You as a service

Often when we think of freelancing, it’s in terms of labor. 

We sell our time by the hour, or at a project level (an estimation of hours).

I’ve never done this.

I’ve always been salaried, and never really had the interest to work on the side. Reading, learning and experimenting were all fine, but never selling my services. 

But recently I’ve been thinking, if I was to freelance, what would I sell? Or more importantly, what set of skills and potential business outcomes would a professional or business pay me for? What value can I offer?

Let’s see.

Currently, I work as a product designer at a startup. We build and maintain a rails app, and apps on iOS and Android platforms. 

Specifically, I discover and define user/customer goals and translate them into instructions specific enough to pass off to a programmer. I code a little bit, but is mainly as a means to communicate, really no different than creating a powerpoint.

The value for the business is mainly around the end experience for the customer. If all goes well, and I help build the right thing. “The product performs in a way which exhibits a meaningful, positive, material consequence to the user - you know, the whole reason why they pay for it.”

For me to deliver this experience to customers, I would need at least a backend/frontend dev. And realistically, I rely on many other business functions (marketing, operations).

So what’s my service?

Erik Dietrich offers one idea. Rather than selling hourly labour, figure out a niche, outcome based, productized service.

I love this idea, and would like to explore it further. 

A couple of reasons why:

• This is positioning theory — You will be seen as differentiated and the ‘top of the pile’ in terms of that specific area. You won’t be compared to ‘web design’ or ‘ux design’ agencies. 

• You’ll become an expert and the more work you get, the more credibility you can demonstrate to future clients.

• Operating cost drop, efficiencies improve. You are solving similiar problems every time, since you are not exposing yourself the hell that the hey I make websites” position will find you in.

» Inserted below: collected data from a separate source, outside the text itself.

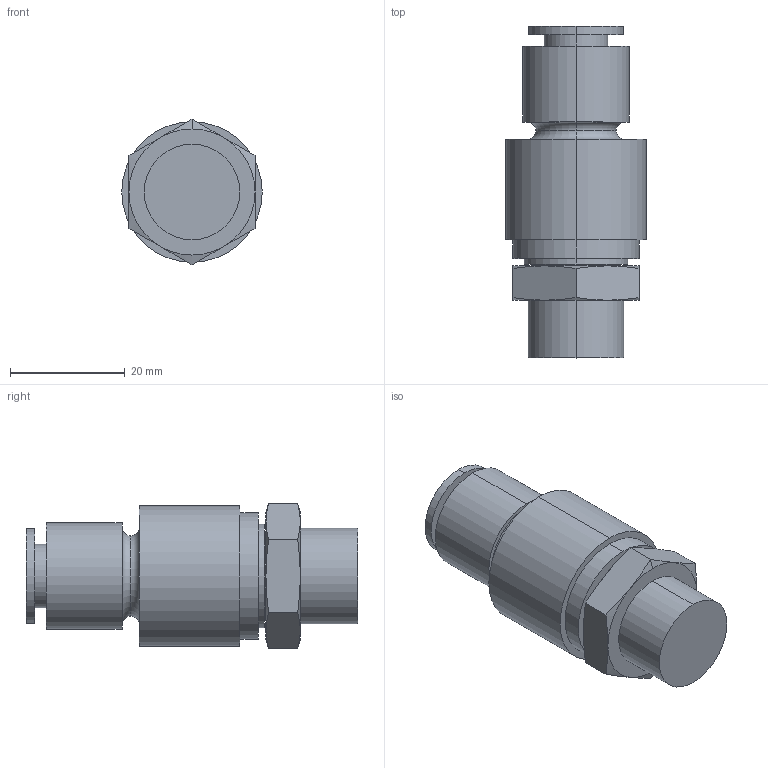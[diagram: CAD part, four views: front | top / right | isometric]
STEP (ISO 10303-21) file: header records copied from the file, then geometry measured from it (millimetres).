
FILE_DESCRIPTION (( 'STEP AP203' ), '1' );
FILE_NAME ('FKXH10-03.STEP', '2022-04-18T15:20:11', ( '' ), ( '' ), 'SwSTEP 2.0', 'SolidWorks 2019', '' );
FILE_SCHEMA (( 'CONFIG_CONTROL_DESIGN' ));
Length unit declared in the file: millimetre
Products named in the file (1): FKXH10-03
Bounding box: 24.5 x 57.9 x 25.4 mm (x, y, z)
Volume: 17420.7 mm3; surface area: 6314.2 mm2
Topology: 1 solids, 1 shells, 54 faces, 110 edges, 68 vertices
Faces by surface type: cylinder 18, plane 18, cone 14, torus 4
Entity records: 1823 total; most frequent: CARTESIAN_POINT 601, DIRECTION 256, ORIENTED_EDGE 220, AXIS2_PLACEMENT_3D 115, EDGE_CURVE 110, VERTEX_POINT 68, EDGE_LOOP 64, CIRCLE 60

• Running a business like this also syncs up nicely with this idea of radical transparency. The internet is growing everyday, and our ability to reach millions of people has never been easier. In that world of abundance, it makes sense to focus on who you are. You don’t need to pretend to be vanilla anymore.

• If I call myself a designer, I should put my efforts into helping more businesses have access to good design. I get to design a sliver a tiny sliver of the world, but for everyone else (I am) the user”. The reality is, libraries, rental car kiosks and tennis court booking systems, don’t have access to scrum teams. 

Anyway, if you’re interested in how you might do this for yourself (it doesn’t really matter what the profession is), try out this ‘positioning exercise I stumbled on. It’s hard. But most important things are hard.